The improved Huffman coding method sets the weight of its root node to 0, which reduces the number of times that the symbol stream needs to be scanned to one. After optimizing and adjusting the weights of the neural network, only one character with a probability of 1 is scanned in the calculation. Only node numbers are exchanged between the binary trees, which not only reduces the large amount of cache occupancy, but also reduces the complexity of the algorithm.

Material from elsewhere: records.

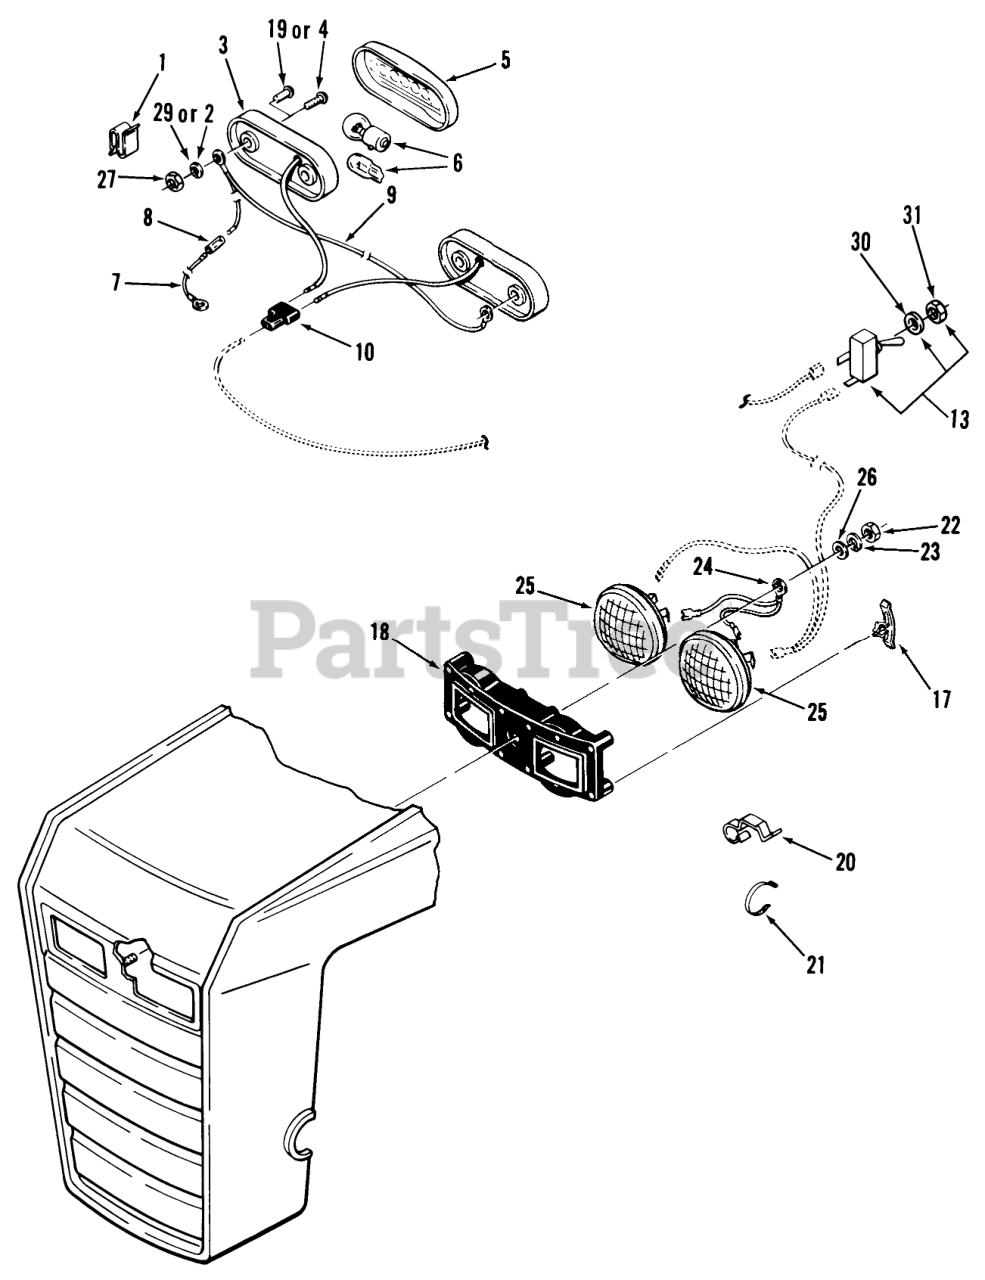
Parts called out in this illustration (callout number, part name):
1	SPEED CLIP
2	Lockwasher
3	BASE-TAIL LIGHT
4	Screw
5	Lens-Taillight
6	Bulb
6	LIGHT BULB
7	ASSEMBLY-WIRE
8	CONNECTOR 2 WIRE
9	Taillight Wire
10	CONNECTOR 3 WIRE
13	SWITCH-LIGHTS
17	CLIP-SPRING
18	Headlight Retainer
19	Poprivet
20	CLIP-WIRE
21	PLASTIC TIE
22	Nut
23	Washer-Lock
24	LIGHT GROUND WIRE
25	HEADLAMP
26	WASHER 5/16 SAE
27	Nut
29	WASHER
30	TAB-WASHER
31	NUT-HEX
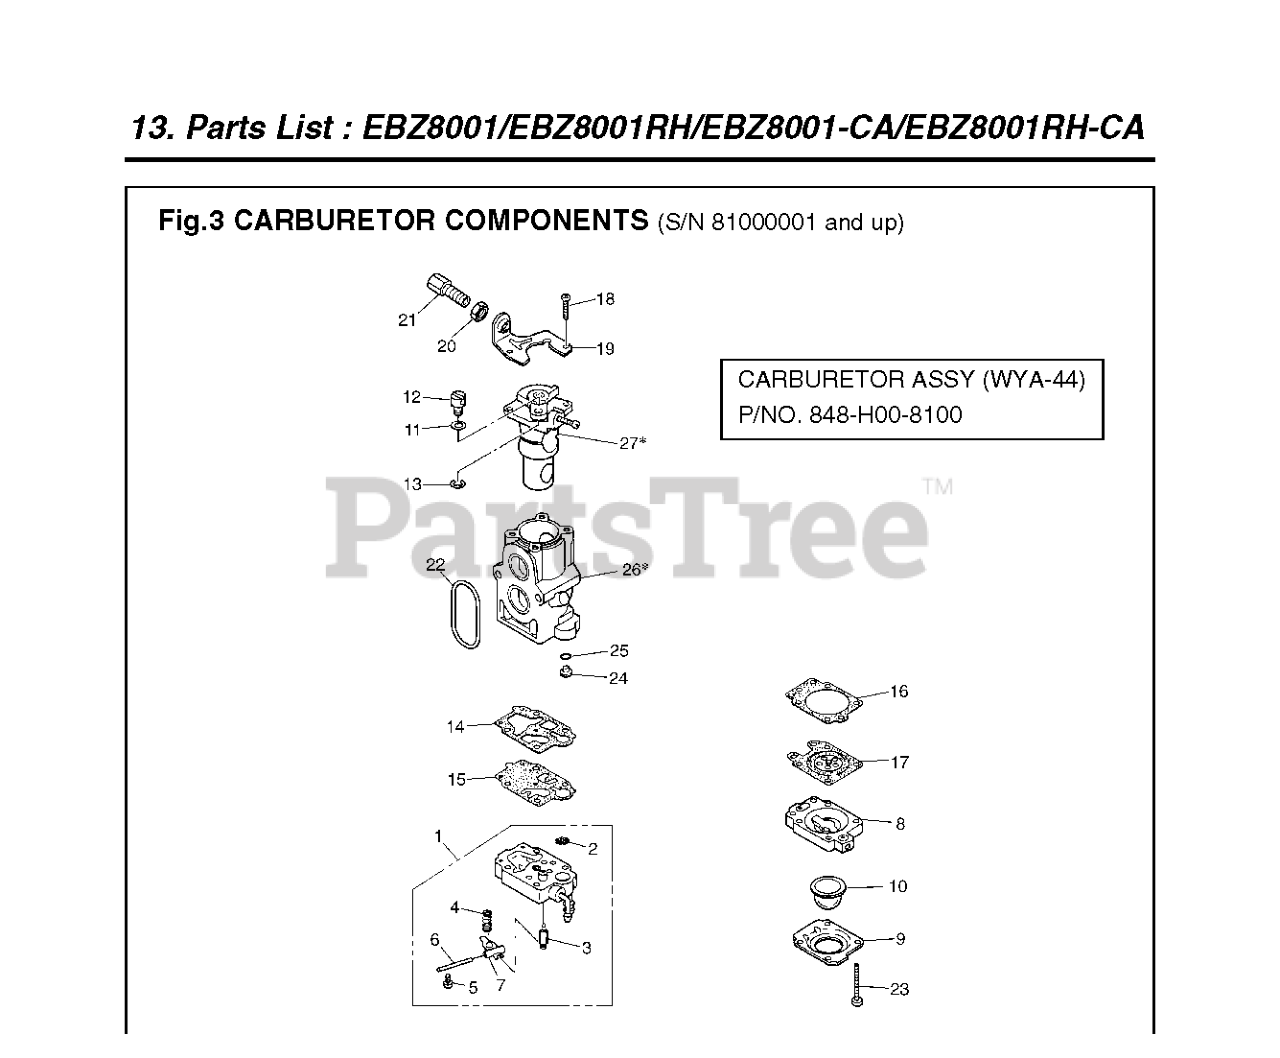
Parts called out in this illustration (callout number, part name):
1	BODY-A-PUMP
9	1OVER
11	WASHER
12	SWIVEL
13	RING
15	DIAPHRAGM
18	SCREW
19	BRACKET
20	NUT
21	ADJUSTER
22	RING
26	CARBURETOR-A
27	CARBURETOR-A

The method’s shortcomings are mainly reflected in the loss of coding error protection and relatively high data requirements.

#### 3. Experiment and Results

According to the requirement of real-time transmission of text data in actual operation, this paper uses a 3G/4G wireless network as the data transmission channel to complete a data transmission test. In the 3G/4G wireless network, a carrier frequency is used for data communication and can only be used by a user alone. In the vehicle text data acquisition environment, due to influence by the communication environment and the number of users, the actual wireless data transmission rate and theoretical wireless transmission rate often differ greatly. In addition, the success of the transmission priority strategy for text data transmission is further verified by a terminal-to-terminal test in the real environment.

##### 3.1. Data Transmission Test

An urban-rural fringe area is selected as the location for the data transmission test. This communication environment complicates with the requirements of the test environment. We conduct two tests: a network delay test and a TCP transmission rate test. The test environment uses a Unicom 3G/4G wireless network, and we realize data uploading to the server through the vehicle terminal. In 3G/4G networks, the delay is usually measured by round trip time. Low latency in practical application is extremely important. A lower latency for data transmission improves the uplink capacity and data throughput and increases the coverage of high bit rate transmission. Typically, data transfer tests use the PING method, which obtains the response time of the connected server by sending the uploaded data packet and receiving the upload packet response time. PING request packet in the send data upload will first send sequence number order and a response message also marked the corresponding sequence and then through the observation of the PING response message packet to detect the link, such as packet loss, packet duplication, and wrong sequence data transmission delay estimation.

We upload the village environment over several tests (beginning at 10 a.m.). For each test we send an ICMP packet for a total of 240. The 3G/4G wireless bandwidth rate is 120–720 kbps (the urban 3G/4G wireless bandwidth rate is about 960–2400 kbps). The TCP transmission rate is similar to the 3G/4G bandwidth rate (Table 1).